Na jornada terrena da raça, os humanos sonharam encontrar uma fórmula que os protegesse de todas as doenças. Isto lhes permitiria vida saudável até a morte. Como a realidade teimava em contrariar o desejo e o sonho, eles transferiram a bem-aventurança ao mundo espiritual e consideraram a morte mera passagem do mundo material para aquele outro mundo. Isto avivou a imaginação e pavimentou a crença na transmigração das almas e na reencarnação. Segundo essa doutrina, vivendo e adquirindo conhecimento no mundo do espírito (luz), a alma da pessoa regressa ao mundo da matéria para cumprir missões (vida). Enquanto aguarda a reencarnação, a personalidade anímica, baixando em sessões espíritas, faz cirurgias e dita receitas para curar ou prevenir doenças sem nada cobrar (amor). 

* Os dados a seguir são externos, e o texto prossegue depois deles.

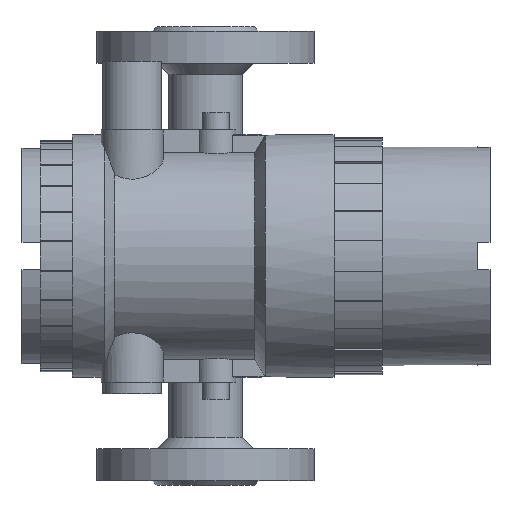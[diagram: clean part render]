
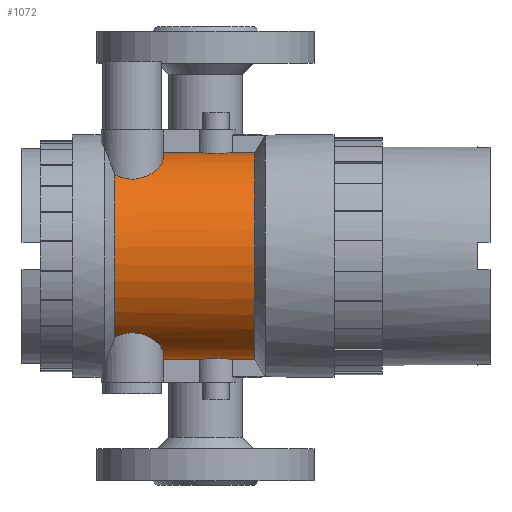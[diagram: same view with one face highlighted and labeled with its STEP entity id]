
A CAD part, left-side view. The second image highlights one B-rep face of the part: STEP entity #1072.
In plain terms, the highlighted cylindrical face has radius 45.45 mm (diameter 90.9 mm), a partial arc.
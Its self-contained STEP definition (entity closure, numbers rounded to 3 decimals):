
#63=B_SPLINE_CURVE_WITH_KNOTS('',3,(#6275,#6276,#6277,#6278,#6279,#6280,
#6281,#6282,#6283,#6284),.UNSPECIFIED.,.F.,.F.,(4,2,2,2,4),(0.,0.25,0.5,
0.75,1.),.UNSPECIFIED.);
#69=B_SPLINE_CURVE_WITH_KNOTS('',3,(#6330,#6331,#6332,#6333,#6334,#6335,
#6336,#6337,#6338,#6339),.UNSPECIFIED.,.F.,.F.,(4,2,2,2,4),(0.,0.25,0.5,
0.75,1.),.UNSPECIFIED.);
#74=B_SPLINE_CURVE_WITH_KNOTS('',3,(#6426,#6427,#6428,#6429,#6430,#6431),
 .UNSPECIFIED.,.F.,.F.,(4,2,4),(0.,0.5,1.),.UNSPECIFIED.);
#75=B_SPLINE_CURVE_WITH_KNOTS('',3,(#6432,#6433,#6434,#6435,#6436,#6437),
 .UNSPECIFIED.,.F.,.F.,(4,2,4),(0.,0.5,1.),.UNSPECIFIED.);
#286=CYLINDRICAL_SURFACE('',#4189,45.45);
#578=LINE('',#6380,#876);
#584=LINE('',#6396,#882);
#589=LINE('',#6422,#887);
#591=LINE('',#6439,#889);
#876=VECTOR('',#5193,1.);
#882=VECTOR('',#5207,1.);
#887=VECTOR('',#5218,1.);
#889=VECTOR('',#5222,1.);
#1072=ADVANCED_FACE('',(#1386),#286,.T.);
#1386=FACE_OUTER_BOUND('',#1589,.T.);
#1589=EDGE_LOOP('',(#2567,#2568,#2569,#2570,#2571,#2572,#2573,#2574,#2575,
#2576,#2577,#2578));
#2567=ORIENTED_EDGE('',*,*,#3579,.T.);
#2568=ORIENTED_EDGE('',*,*,#3561,.T.);
#2569=ORIENTED_EDGE('',*,*,#3539,.T.);
#2570=ORIENTED_EDGE('',*,*,#3577,.T.);
#2571=ORIENTED_EDGE('',*,*,#3580,.T.);
#2572=ORIENTED_EDGE('',*,*,#3581,.T.);
#2573=ORIENTED_EDGE('',*,*,#3548,.T.);
#2574=ORIENTED_EDGE('',*,*,#3544,.T.);
#2575=ORIENTED_EDGE('',*,*,#3534,.F.);
#2576=ORIENTED_EDGE('',*,*,#3532,.T.);
#2577=ORIENTED_EDGE('',*,*,#3525,.T.);
#2578=ORIENTED_EDGE('',*,*,#3569,.T.);
#3024=VERTEX_POINT('',#6258);
#3025=VERTEX_POINT('',#6259);
#3031=VERTEX_POINT('',#6285);
#3032=VERTEX_POINT('',#6294);
#3036=VERTEX_POINT('',#6311);
#3037=VERTEX_POINT('',#6313);
#3041=VERTEX_POINT('',#6340);
#3044=VERTEX_POINT('',#6348);
#3053=VERTEX_POINT('',#6381);
#3059=VERTEX_POINT('',#6397);
#3065=VERTEX_POINT('',#6423);
#3066=VERTEX_POINT('',#6438);
#3525=EDGE_CURVE('',#3024,#3025,#3798,.T.);
#3532=EDGE_CURVE('',#3031,#3024,#63,.T.);
#3534=EDGE_CURVE('',#3031,#3032,#3800,.T.);
#3539=EDGE_CURVE('',#3037,#3036,#3803,.T.);
#3544=EDGE_CURVE('',#3041,#3032,#69,.T.);
#3548=EDGE_CURVE('',#3044,#3041,#3807,.T.);
#3561=EDGE_CURVE('',#3053,#3037,#578,.T.);
#3569=EDGE_CURVE('',#3025,#3059,#584,.T.);
#3577=EDGE_CURVE('',#3036,#3065,#589,.T.);
#3579=EDGE_CURVE('',#3059,#3053,#74,.T.);
#3580=EDGE_CURVE('',#3065,#3066,#75,.T.);
#3581=EDGE_CURVE('',#3066,#3044,#591,.T.);
#3798=CIRCLE('',#4155,45.45);
#3800=CIRCLE('',#4159,45.45);
#3803=CIRCLE('',#4163,45.45);
#3807=CIRCLE('',#4171,45.45);
#4155=AXIS2_PLACEMENT_3D('',#6257,#5129,#5130);
#4159=AXIS2_PLACEMENT_3D('',#6293,#5141,#5142);
#4163=AXIS2_PLACEMENT_3D('',#6312,#5149,#5150);
#4171=AXIS2_PLACEMENT_3D('',#6347,#5167,#5168);
#4189=AXIS2_PLACEMENT_3D('',#6440,#5223,#5224);
#5129=DIRECTION('',(0.,-1.,0.));
#5130=DIRECTION('',(1.,0.,0.));
#5141=DIRECTION('',(0.,1.,0.));
#5142=DIRECTION('',(-1.,0.,0.));
#5149=DIRECTION('',(0.,1.,0.));
#5150=DIRECTION('',(-1.,0.,0.));
#5167=DIRECTION('',(0.,-1.,0.));
#5168=DIRECTION('',(1.,0.,0.));
#5193=DIRECTION('',(0.,-1.,0.));
#5207=DIRECTION('',(0.,-1.,0.));
#5218=DIRECTION('',(0.,1.,0.));
#5222=DIRECTION('',(0.,1.,0.));
#5223=DIRECTION('',(0.,1.,0.));
#5224=DIRECTION('',(1.,0.,0.));
#6257=CARTESIAN_POINT('',(0.,18.5,-123.5));
#6258=CARTESIAN_POINT('',(-17.25,18.5,-165.549));
#6259=CARTESIAN_POINT('',(-5.,18.5,-168.674));
#6275=CARTESIAN_POINT('',(-28.475,39.5,-158.924));
#6276=CARTESIAN_POINT('',(-29.81,37.502,-157.851));
#6277=CARTESIAN_POINT('',(-30.661,35.049,-157.05));
#6278=CARTESIAN_POINT('',(-30.826,29.797,-156.899));
#6279=CARTESIAN_POINT('',(-30.103,27.216,-157.589));
#6280=CARTESIAN_POINT('',(-27.645,23.054,-159.611));
#6281=CARTESIAN_POINT('',(-25.948,21.425,-160.888));
#6282=CARTESIAN_POINT('',(-21.971,19.147,-163.355));
#6283=CARTESIAN_POINT('',(-19.688,18.5,-164.549));
#6284=CARTESIAN_POINT('',(-17.25,18.5,-165.549));
#6285=CARTESIAN_POINT('',(-28.475,39.5,-158.924));
#6293=CARTESIAN_POINT('',(0.,39.5,-123.5));
#6294=CARTESIAN_POINT('',(-28.475,39.5,-88.076));
#6311=CARTESIAN_POINT('',(-5.,-21.5,-78.326));
#6312=CARTESIAN_POINT('',(0.,-21.5,-123.5));
#6313=CARTESIAN_POINT('',(-5.,-21.5,-168.674));
#6330=CARTESIAN_POINT('',(-17.25,18.5,-81.451));
#6331=CARTESIAN_POINT('',(-19.686,18.5,-82.45));
#6332=CARTESIAN_POINT('',(-21.976,19.149,-83.648));
#6333=CARTESIAN_POINT('',(-25.945,21.423,-86.11));
#6334=CARTESIAN_POINT('',(-27.64,23.053,-87.386));
#6335=CARTESIAN_POINT('',(-30.088,27.184,-89.399));
#6336=CARTESIAN_POINT('',(-30.819,29.779,-90.095));
#6337=CARTESIAN_POINT('',(-30.67,34.992,-89.958));
#6338=CARTESIAN_POINT('',(-29.813,37.498,-89.151));
#6339=CARTESIAN_POINT('',(-28.475,39.5,-88.076));
#6340=CARTESIAN_POINT('',(-17.25,18.5,-81.451));
#6347=CARTESIAN_POINT('',(0.,18.5,-123.5));
#6348=CARTESIAN_POINT('',(-5.,18.5,-78.326));
#6380=CARTESIAN_POINT('',(-5.,-123.5,-168.674));
#6381=CARTESIAN_POINT('',(-5.,-11.681,-168.674));
#6396=CARTESIAN_POINT('',(-5.,-123.5,-168.674));
#6397=CARTESIAN_POINT('',(-5.,2.681,-168.674));
#6422=CARTESIAN_POINT('',(-5.,-123.5,-78.326));
#6423=CARTESIAN_POINT('',(-5.,-11.681,-78.326));
#6426=CARTESIAN_POINT('',(-5.,2.681,-168.674));
#6427=CARTESIAN_POINT('',(-7.321,1.064,-168.417));
#6428=CARTESIAN_POINT('',(-8.747,-1.672,-168.1));
#6429=CARTESIAN_POINT('',(-8.753,-7.31,-168.099));
#6430=CARTESIAN_POINT('',(-7.321,-10.064,-168.417));
#6431=CARTESIAN_POINT('',(-5.,-11.681,-168.674));
#6432=CARTESIAN_POINT('',(-5.,-11.681,-78.326));
#6433=CARTESIAN_POINT('',(-7.321,-10.064,-78.583));
#6434=CARTESIAN_POINT('',(-8.747,-7.328,-78.9));
#6435=CARTESIAN_POINT('',(-8.753,-1.69,-78.901));
#6436=CARTESIAN_POINT('',(-7.321,1.064,-78.583));
#6437=CARTESIAN_POINT('',(-5.,2.681,-78.326));
#6438=CARTESIAN_POINT('',(-5.,2.681,-78.326));
#6439=CARTESIAN_POINT('',(-5.,-123.5,-78.326));
#6440=CARTESIAN_POINT('',(0.,-123.5,-123.5));

Sem a fórmula da imunização total, os humanos encontraram a fórmula da imunização parcial. Na China do século X (901-1000) foi inventada a técnica da insuflação nasal para proteger da varíola. Consistia em soprar pelas narinas do paciente o pó obtido da mesma doença sofrida por outra pessoa. Combatia-se o veneno que atuava no organismo com o veneno similar manipulado, homeopatia cujo princípio ativo o médico alemão Samuel Hahnemann introduziu no Ocidente no século XVIII (1701-1800), mesmo século em que o médico inglês Edward Jenner descobriu nova fórmula para, com êxito, combater e erradicar a varíola. No século seguinte (1801-1900) o cientista francês Louis Pasteur expandiu a técnica imunizadora para outras doenças (cólera, antraz, raiva). Os elementos básicos da fórmula eram micro-organismos. A vacinação tornou-se procedimento de ordem pública, necessário e obrigatório. Foram produzidas vacinas contra catapora, caxumba, febre tifoide, gripe, poliomielite, rubéola, sarampo, tétano. As pesquisas prosseguem para cura e prevenção de outras doenças (câncer, aids) inclusive para erradicação da pandemia provocada pelo coronavírus

A imunização consiste num conjunto de procedimentos para aumentar a resistência do organismo e assim proteger os pacientes contra doenças infecciosas. A vacina, a imunoglobulina e o soro anticorpos são utilizados nessa terapia. A aplicação deve atender às contraindicações. A vacina pode gerar reações adversas locais (dor, edema) sistêmicas (febre, mal-estar, cefaleia) ou alérgicas (grave, morte). O antígeno resulta de um processo artificial que inclui o cultivo do vírus e a manipulação de adjuvantes, estabilizantes e conservantes. 

À aplicação da vacina também se erguem barreiras culturais. As crenças religiosas e místicas que consideram sagrado o corpo humano como templo da alma, vedam medicamentes aos fiéis e adeptos (proíbem também, entre outras coisas, bebidas alcoólicas, certos alimentos, transfusão de sangue, saia curta, rosto descoberto, homossexualismo). Governantes com intenções eleitoreiras embaraçam a imunização (como acontece atualmente no Brasil). A bilateralidade atributiva característica da norma jurídica também pode dificultar a imunização. Ao direito do cidadão corresponde o dever da sociedade e do estado de respeitá-lo. Ao direito do estado de mandar (autoridade) corresponde o dever do cidadão e da sociedade de obedecer. Ao dever do estado de vacinar em massa corresponde o direito do cidadão de ser vacinado. Como titular desse direito subjetivo, o cidadão pode se recusar a exercê-lo em concreto sem perde-lo em abstrato (liberdade). Se tal recusa ferir direito fundamental de outro titular, portanto, do mesmo nível hierárquico no sistema jurídico, cabe à autoridade pública competente, no caso concreto, decidir qual deles deve prevalecer. 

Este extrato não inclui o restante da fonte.